So how did the ending of Finney’s novel and those of the four films differ? Let’s explore that here.
THE ENDINGS
I’ll call a spoiler alert here, just in case you want to explore any of this on your own. In the novel, to state it simply we could say, EARTH 7, ALIENS 0. Earlier, Miles told Becky they might try to reach Highway 101 and warn motorists that the aliens are here, but he then figures that people will think they’re nuts. (Sounds a bit like the 1956 film, no?) Instead, they flee into the hills around Mill Valley, and when they see pods growing in farmers’ fields they set fire to as many as they can. Resistance is probably futile, they figure, but they’re not going down without a fight.
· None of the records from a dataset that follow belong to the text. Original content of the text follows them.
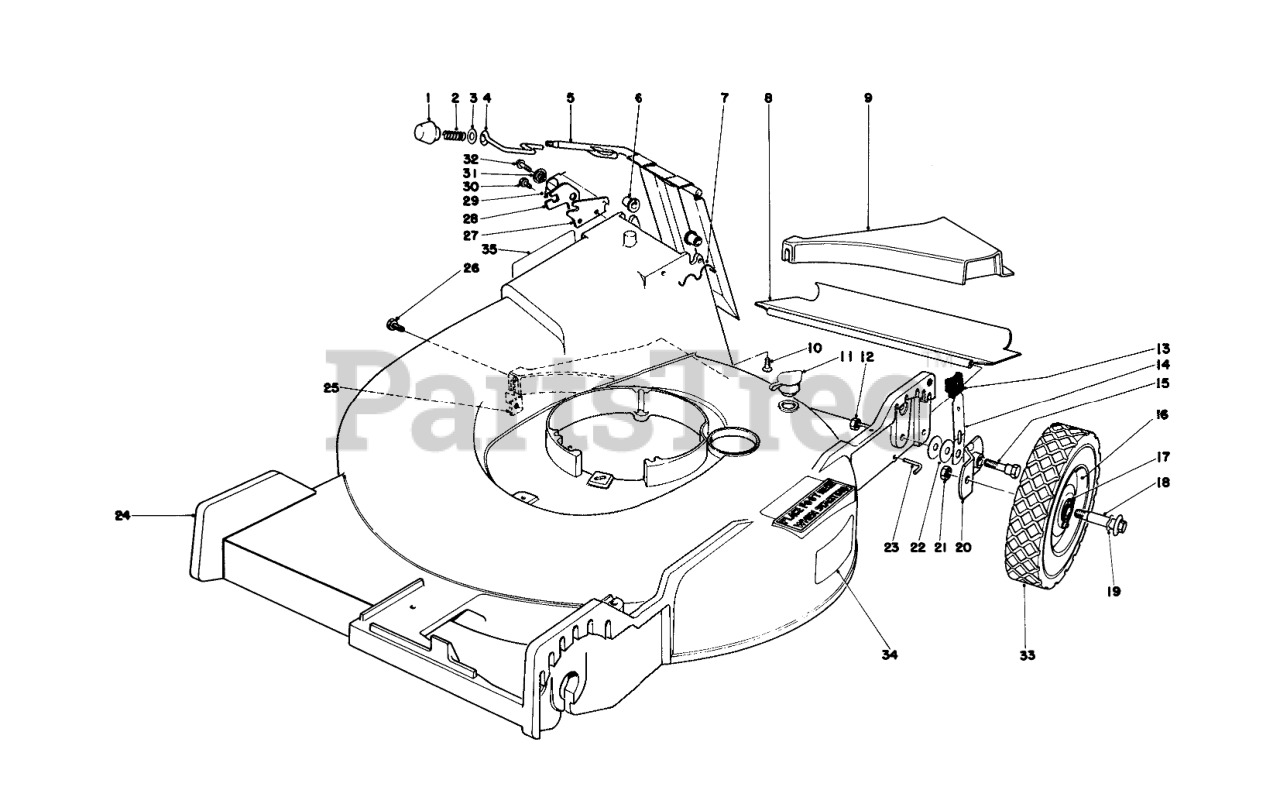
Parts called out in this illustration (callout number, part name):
2	COMPRESSION SPRING
3	WASHER
4	DOOR LATCH
5	Door Handle
6	BUSHING-NYLON
7	Door Retainer
8	REAR SAFETY SHIELD
9	REAR INSERT
10	SCREW-HH
11	WASHOUT PLUG
12	Nut
13	KNOB-ARM
14	SPRING ARM ASM
15	PIVOT SCREW
16	Wheel & Tire Assy. (Incl. Ref.#4)
17	BEARING-BALL
19	SPRING WASHER
20	PIVOT ARM ASM A
21	Nut
22	WASHER-PIVOT
23	ROD-SHIELD
24	Housing
25	SPECIAL NUT
26	SCREW THD 1/4 20 5/8
27	DOOR LATCH PLATE
28	Latch Safety
29	TORSION SPRING
30	Screw
31	Latch Spacer
32	Screw
34	Decal Step
35	Decal Caution
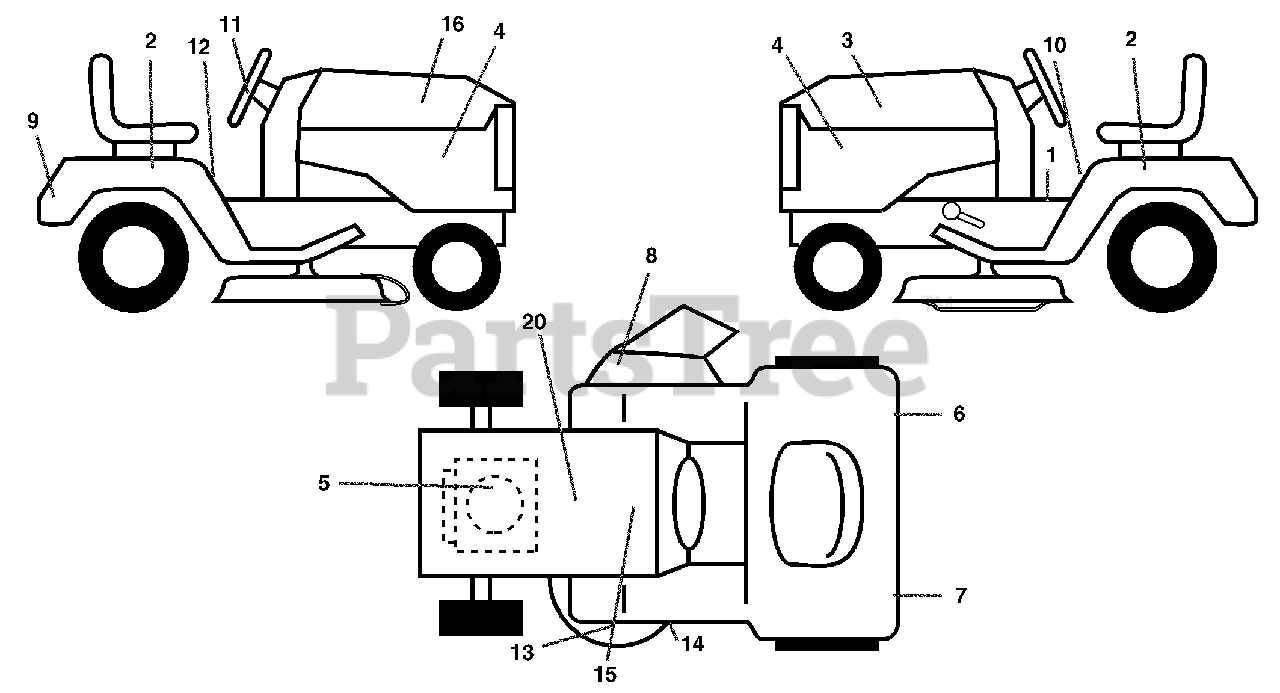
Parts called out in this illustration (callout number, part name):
1	Decal Dash
2	Decal Fender Auto
3	Decal Hood LH
4	Decal Side Panel
5	Decal HP Engine
6	Decal Reflector Rh
7	Decal Reflector Lh
9	Decal Fender Logo
10	Decal Fender Danger E/F
11	Decal Ins Strg Whl
12	Decal Fender Oper Cruise
13	Decal Deck Caution
14	Decal V-Belt Schematic
15	Decal Replace
16	Decal Hood Rh
20	Decal Bat Dan/Psn

Well, resistance is NOT futile, because no one has ever stood up to the aliens before, and they decide to hit the space trail. As Miles and Becky watch, thousands of pods rise in the sky. The remaining pod people, confined to Mill Valley, die off in five years or less. Bottom line: everything is back to normal, thanks to good old American grit.
In the 1956 film, the original screenplay had Miles reaching the highway (Becky has become a pod person) and shouting his warning, a crazed look on his face. No one believes him; uh-oh, the Earth is doomed. Thinking this too negative, the studio had the filmmakers add a prologue and epilogue, so that once they finally believe Miles’s story a call goes out to local and state law enforcement, and the military, to stop the threat. We don’t see the results, but bottom line, the ending is—hopeful.
Not so the 1978 version, which takes place on a much larger stage: San Francisco. Dr. Matthew Bennell (Donald Sutherland) has escaped throngs of pod people, has seen pods loaded onto ships to be sent all around the world, and has watched his girlfriend crumble into dust as her naked double appears. I won’t say exactly how it ends (it’s awesome), but the bottom line is, the Earth is fucked!
The low-budget, 1993 Body Snatchers did poorly at the box office but garnered some decent reviews. Its setting is an Alabama military base, and none of the characters have names similar to any of those in the novel or first two films. In fact, the main protagonist, Marti, is a teenaged girl. But there are still pods, and gross transformations, and pod people. As Marti and helicopter pilot Tim, the last humans standing, escape the base, take out a few truckloads of pods, and try to land at another base, a voiceover tells us, “Where you gonna go, where you gonna run, where you gonna hide? Nowhere…’cause there’s no one like you left.” Bottom line: the Earth is doubly fucked!
ODD FILM OUT?
The 2007 film, The Invasion, starring Nicole Kidman, was the last remake of Invasion of the Body Snatchers. Tell the truth, it was not a remake at all. Okay, some of the names are the same: Kidman plays Dr. Carol Bennell, Daniel Craig is Ben Driscoll, the Belicecs are a couple of European diplomats, and a woman named Wendy Lenk (Remember Wilma Lentz?) is the first to say that her husband is not her husband. But that’s where the similarities end.
This time, the alien organism is a fungus that reaches Earth when a space shuttle explodes upon re-entry. It changes people, makes them emotionless, but it does not duplicate the body and destroy the original. Carol Bennell of the CDC spends most of the film running from the zoned-out people and trying to reach her young son, who had a brain-related illness and is immune to the takeover. The aliens, who have witnessed the violence on our world and want to do away with it, would “eliminate” all those with the immunity. Carol saves her son and helps prepare a vaccine to reverse the alien virus. Everyone is cured, and they remember nothing. Bottom line: life on violent Earth goes on; business as usual. Boring.
The Invasion bombed at the box office, and the reviews were brutal. But I found it watchable, especially since Nicole Kidman is on-screen for almost all of its ninety-nine minutes.
So are we done with all of the film adaptations of Jack Finney’s slim sci-fi novel? I would not hazard a guess, given Hollywood’s penchant for beating a good idea to death. Don’t wait around to find out. READ THE BOOK.